Most of us in the biotech space are fully onboard with the concept of reproducible research. Who thinks it’s a bad idea to be able to trace back from our results to the data and methods that produced them?
The trick, of course, is in how to do it. In the lab, there’s a strong culture of recording our experiments, tracking samples in LIMS systems and lab notebooks. However, in computational research the processes are often more personalized, or simply aren’t done.
And yet we’ve all experienced the confusion of looking back at a collection of analyses we’ve done, and wondering which was the “real” result, or why the results of one analysis differed from the other. What about that slide deck we showed to management – which of the many versions of the RNA-Seq pipeline did it come from? Why does the code result in a different result than it did the last time I ran it?
I had this problem with my dissertation. My graduate work was done entirely in R, and included nearly 100 figures and tables. Some of these figures were very similar – the same analysis was done on several different datasets. Keeping track of the origin of each figure was extremely difficult; I couldn’t convince myself I had it right.
Two things helped with this: version control and self-documenting code. I’ve written about version control before
. It solved the problem of figuring out why the results might change from one day to the next. Today I’ll tell you about why self-documenting code is a critical component of a data analyst’s workflow.

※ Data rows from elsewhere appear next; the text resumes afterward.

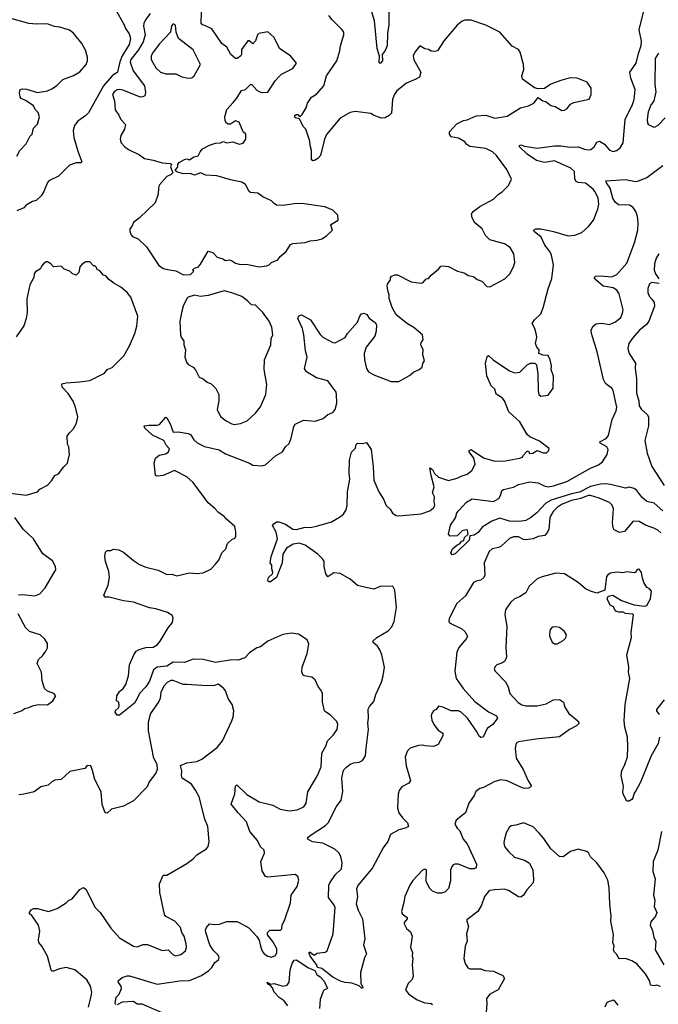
# Model space of a CAD drawing. Extents: x 2056909 to 2160450, y 827444 to 1016825.
# Tile 422 of 501: x 2085503 to 2090628, y 993658 to 1001565. Entities that reach past the tile are written whole.
import ezdxf

# ---------------------------------------------------------------- set-up
doc = ezdxf.new("R2010")
doc.units = 0

msp = doc.modelspace()

# ---------------------------------------------------------------- linework, layer by layer
at = {"layer": '0CON10XD'}
for points in [[(2086245.3, 1001695.3), (2086341.9, 1001525), (2086351.5, 1001495), (2086382.6, 1001452.6), (2086391.8, 1001415), (2086382.7, 1001365), (2086325, 1001274.7), (2086306.6, 1001226.6), (2086286.9, 1001145), (2086244.2, 1001115.8), (2086176.1, 1001035), (2086055, 1000817.1), (2086034.2, 1000795), (2085968.5, 1000751.5), (2085941.8, 1000715), (2085932.5, 1000675), (2085938.6, 1000618.6), (2085968.7, 1000508.7), (2086002.5, 1000425), (2085993.3, 1000416.7), (2085955, 1000417.1), (2085903, 1000397), (2085815, 1000310), (2085737.7, 1000272.3), (2085725, 1000257.5), (2085696, 1000185), (2085675, 1000150), (2085635, 1000113.8), (2085605, 1000106.2), (2085554.2, 1000075.8), (2085535, 1000054), (2085478.8, 1000031.2)], [(2088464.5, 1001725), (2088466.4, 1001525), (2088454.5, 1001455), (2088450.8, 1001355), (2088435, 1001318.8), (2088411.2, 1001285), (2088414.2, 1001235), (2088395, 1001213.3), (2088388.8, 1001225), (2088391.7, 1001271.7), (2088372.5, 1001335), (2088351.1, 1001555), (2088322.5, 1001645)], [(2085480.5, 1000469.5), (2085504.4, 1000515.6), (2085555, 1000567.5), (2085583.9, 1000626.1), (2085603.3, 1000645), (2085613.3, 1000695), (2085645, 1000727.5), (2085661.2, 1000785), (2085650.7, 1000820.7), (2085627.5, 1000845), (2085612.7, 1000872.7), (2085554.2, 1000914.2), (2085515, 1000933.8), (2085506.2, 1000945), (2085502.5, 1000977.5), (2085507.5, 1001005), (2085525, 1001010), (2085556.7, 1001006.7), (2085645, 1000980), (2085725, 1000994.2), (2085765, 1001012.5), (2085805, 1001039.2), (2085848.8, 1001085), (2085933.6, 1001116.4), (2085985, 1001145.8), (2086036.9, 1001205), (2086048.1, 1001235), (2086046.7, 1001265), (2086030.5, 1001320.5), (2086002.1, 1001375), (2085935, 1001458.2), (2085902.6, 1001482.6), (2085825.8, 1001505.8), (2085781.7, 1001511.7), (2085722.5, 1001532.5), (2085641.2, 1001528.8), (2085575, 1001534), (2085375, 1001591.5)], [(2086549.5, 1001615), (2086512.1, 1001565), (2086498.7, 1001535), (2086496.9, 1001513.1), (2086508.8, 1001445), (2086493.2, 1001386.8), (2086455.5, 1001324.5), (2086394.1, 1001245), (2086388.2, 1001225), (2086414.6, 1001155), (2086503.3, 1001035), (2086511.7, 1000981.7), (2086508, 1000955), (2086492.5, 1000945), (2086472.9, 1000942.9), (2086329.8, 1000999.8), (2086305, 1001005.5), (2086285, 1001001.5), (2086261.1, 1000985), (2086248.9, 1000965), (2086263.5, 1000915), (2086269.5, 1000840.5), (2086299.7, 1000799.7), (2086315, 1000763.3), (2086352.5, 1000725), (2086343.3, 1000685), (2086314.4, 1000635.6), (2086308.6, 1000605), (2086316.8, 1000576.8), (2086346, 1000545), (2086375, 1000524.2), (2086465, 1000480), (2086505, 1000450), (2086575, 1000438), (2086645, 1000416.2), (2086711.7, 1000411.7), (2086720, 1000405), (2086712.5, 1000385), (2086732.5, 1000335), (2086718.3, 1000321.7), (2086685, 1000306.7), (2086623, 1000237), (2086616, 1000215), (2086613.8, 1000165), (2086591.2, 1000095), (2086463.8, 999975), (2086415, 999937.5), (2086402.5, 999905), (2086387.5, 999885), (2086386.7, 999865), (2086396.4, 999836.4), (2086407.5, 999825), (2086452.5, 999805), (2086521.3, 999741.3), (2086620.3, 999590.3), (2086658.3, 999568.3), (2086691.2, 999558.8), (2086755, 999548.8), (2086817, 999517)], [(2086817, 999517), (2086875, 999520), (2086900, 999545), (2086890, 999555), (2086905, 999570), (2086938.3, 999581.7), (2086955, 999602.5), (2087015, 999707.5), (2087052.5, 999695), (2087088.3, 999658.3), (2087132.5, 999645), (2087155, 999631.2), (2087185, 999636), (2087201.7, 999631.7), (2087235, 999610), (2087265, 999602), (2087335, 999599.2), (2087425, 999582), (2087482.5, 999587.5), (2087505, 999597.5), (2087524.1, 999615.9), (2087575, 999636.7), (2087593.3, 999665), (2087642.5, 999705), (2087675, 999758.8), (2087695, 999768.8), (2087793.6, 999776.4), (2087835, 999790), (2087890, 999795), (2087927.5, 999805), (2087965, 999828.8), (2088013.8, 999875), (2088000, 999915), (2088005, 999923.3), (2088058.8, 999955), (2088056, 999995), (2088015, 1000036.2), (2087953, 1000063), (2087785, 1000087.1), (2087725, 1000090), (2087615, 1000072.7), (2087565, 1000076.7), (2087545, 1000088), (2087525, 1000111.2), (2087455, 1000144), (2087415, 1000172.9), (2087355, 1000178), (2087345, 1000186.2), (2087315, 1000242), (2087285, 1000261.4), (2087195, 1000279.2), (2087085, 1000312.5), (2086997, 1000317), (2086955, 1000336.7), (2086905, 1000317.5), (2086870.7, 1000330.7), (2086815, 1000328.8), (2086763.3, 1000343.3), (2086750, 1000355), (2086772.5, 1000385), (2086773.3, 1000405), (2086782.7, 1000417.3), (2086825, 1000443.8), (2086845, 1000446.7), (2086865, 1000440), (2086900, 1000465), (2086935, 1000472.5), (2086950, 1000505), (2086970.7, 1000529.3), (2087025, 1000557.5), (2087075, 1000573.8), (2087114.1, 1000575.9), (2087135, 1000586.7), (2087165, 1000576.7), (2087213.6, 1000583.6), (2087265, 1000566.7), (2087297.5, 1000575), (2087317.5, 1000605), (2087316.7, 1000645), (2087297.5, 1000665), (2087265, 1000742.5), (2087235, 1000753.3), (2087195, 1000727.5), (2087177, 1000727), (2087163.6, 1000733.6), (2087153, 1000753), (2087150, 1000785), (2087166, 1000845), (2087215, 1000901.2), (2087245.8, 1000935), (2087283.6, 1000996.4), (2087315.8, 1001004.2), (2087355, 1001043.8), (2087365, 1001043.8), (2087405, 1001000.6), (2087425, 1000989.2), (2087445, 1000982), (2087495, 1000984.2), (2087554.4, 1001075), (2087583.1, 1001106.9), (2087605, 1001126.9), (2087695, 1001174), (2087723.3, 1001215), (2087676.7, 1001275), (2087590.7, 1001330.7), (2087543.8, 1001425), (2087495, 1001467.5), (2087421.2, 1001455), (2087412.2, 1001445), (2087395.2, 1001394.8), (2087375, 1001372.5), (2087345, 1001396), (2087335, 1001396), (2087284, 1001325), (2087283, 1001287), (2087276.7, 1001275), (2087247, 1001253), (2087235, 1001252.5), (2087196.2, 1001285), (2087164.4, 1001344.4), (2087124.3, 1001375), (2087045, 1001491.4), (2086987.9, 1001517.9), (2086968.8, 1001525), (2086958.1, 1001538.1), (2086961.8, 1001625)], [(2088280, 997005), (2088215, 997022.2), (2088155, 997072.9), (2088075, 997119.3), (2088025, 997124.5), (2087975, 997092.5), (2087958.5, 997115), (2087946.4, 997175), (2087945.5, 997215), (2087933.3, 997235), (2087895, 997273.1), (2087795, 997345.3), (2087745, 997361.6), (2087697, 997353), (2087645, 997321.1), (2087616, 997274), (2087610.4, 997205), (2087564.4, 997085), (2087515, 997052), (2087500.8, 997050.8), (2087494.3, 997064.3), (2087500.8, 997085), (2087532, 997115), (2087534, 997125), (2087525.8, 997154.2), (2087527.5, 997185), (2087514, 997205), (2087521.4, 997255), (2087572.3, 997397.7), (2087560.9, 997450.9), (2087532.2, 997502.2), (2087541.9, 997518.1), (2087565, 997531.8), (2087582, 997532), (2087635, 997514.4), (2087695, 997474.3), (2087725, 997470.5), (2087795, 997489.1), (2087835, 997487.5), (2087885, 997498.2), (2088005, 997534.2), (2088069.7, 997570.3), (2088101.2, 997595), (2088121.7, 997628.3), (2088130.6, 997665), (2088133.8, 997775), (2088151.2, 997875), (2088146.9, 997925), (2088150.7, 998029.3), (2088166.4, 998093.6), (2088196.7, 998125), (2088204, 998155), (2088215, 998166), (2088255, 998161.2), (2088285, 998170), (2088323, 998113), (2088340, 997975), (2088345, 997867.5), (2088385.8, 997775), (2088422.5, 997715), (2088444.4, 997665), (2088475, 997633.8), (2088495, 997602.5), (2088523.3, 997585), (2088545, 997580), (2088725, 997596.2), (2088795, 997620), (2088824.2, 997645), (2088834.3, 997665), (2088827.9, 997695), (2088831.5, 997735), (2088814.7, 997765), (2088828.5, 997815), (2088804.2, 997904.2), (2088794.6, 997965.4), (2088815, 997951.9), (2088832.2, 997922.2), (2088865, 997890.6), (2088945, 997864), (2089015, 997882.9), (2089045, 997900), (2089095, 997916.7), (2089131.9, 997945), (2089157.7, 997995), (2089148.5, 998045), (2089109.4, 998095), (2089110.8, 998105), (2089125, 998114.4), (2089225, 998046.9), (2089315, 998019.2), (2089398.3, 998021.7), (2089515.9, 998044.1), (2089538.3, 998051.7), (2089543.3, 998065), (2089575, 998100), (2089585, 998100), (2089595, 998082.5), (2089620, 998085), (2089655, 998106.7), (2089705, 998087.5), (2089731.7, 998088.3), (2089750, 998105), (2089751.7, 998121.7), (2089675, 998181.2), (2089595.8, 998215.8), (2089574.3, 998234.3), (2089518, 998335), (2089427.4, 998417.4), (2089394, 998505), (2089375, 998528), (2089327.7, 998557.7), (2089315, 998597.5), (2089285.9, 998625.9), (2089252, 998705), (2089242, 998805), (2089255, 998860), (2089265, 998867.5), (2089303.1, 998833.1), (2089435, 998746), (2089475, 998730), (2089515.7, 998734.3), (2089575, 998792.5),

My entire thesis was self-documented. It was written in Sweave, which is a documentation integration package for R and LaTeX. I embedded all of the code from my work into the text document that described it. When I made a change to the text, I would rebuild the whole thing and see a pdf emerge with all of my prose, figures, and tables, all beautifully formatted. Since the code that produced any given figure was located right next to the text that described it, I was fully confident I knew exactly which analysis produced which plot. Since the whole document was checked into version control (I used Subversion at the time), I knew I could track back any changes to the plot to the changes in the analysis that produced it. It may sound like doing this sort of tracking and documentation is a lot of work, and I won’t pretend that there isn’t overhead. But this extra work paid off profoundly one day.
A good four months into the thesis-writing process one of the public datasets I had analyzed was retracted; there were irregularities in the authors’ data curation process. I was mortified – what did this mean for my work in integrating these datasets, and how was I going to extract all of the plots and tabular results that included the disgraced dataset?
Since my thesis was self-documenting, I didn’t need to worry about how the extraction of one dataset would mangle the organization of the document. It was structured like a programmer had written it – with for loops and lists of datasets. I deleted the offending dataset and rebuilt the thesis. My figures were recreated, my tables recalculated. I did need to edit a few things by hand; for example, any mention of that disgraced dataset in the text needed to be changed. But overall, reproducible research had saved me. I could have spent a month rewriting and instead I spent a few days.
I can’t recommend self-documenting code highly enough. It’s helped me on many occasions since, in smaller analyses and in less-spectacular ways, but I no longer even think about doing work for myself or for a client without self-documentation.
When I wrote my thesis Sweave was pretty state-of-the art and Subversion was not a complete dinosaur. Now, there are better options available, like Markdown and Knitr, or the open lab notebooks put together by the Jupyter folks. Any one of them will make your analysis infinitely more reliable. For version control, Git is the most common choice, but any of them will give you the confidence you need that your code is what you think it is.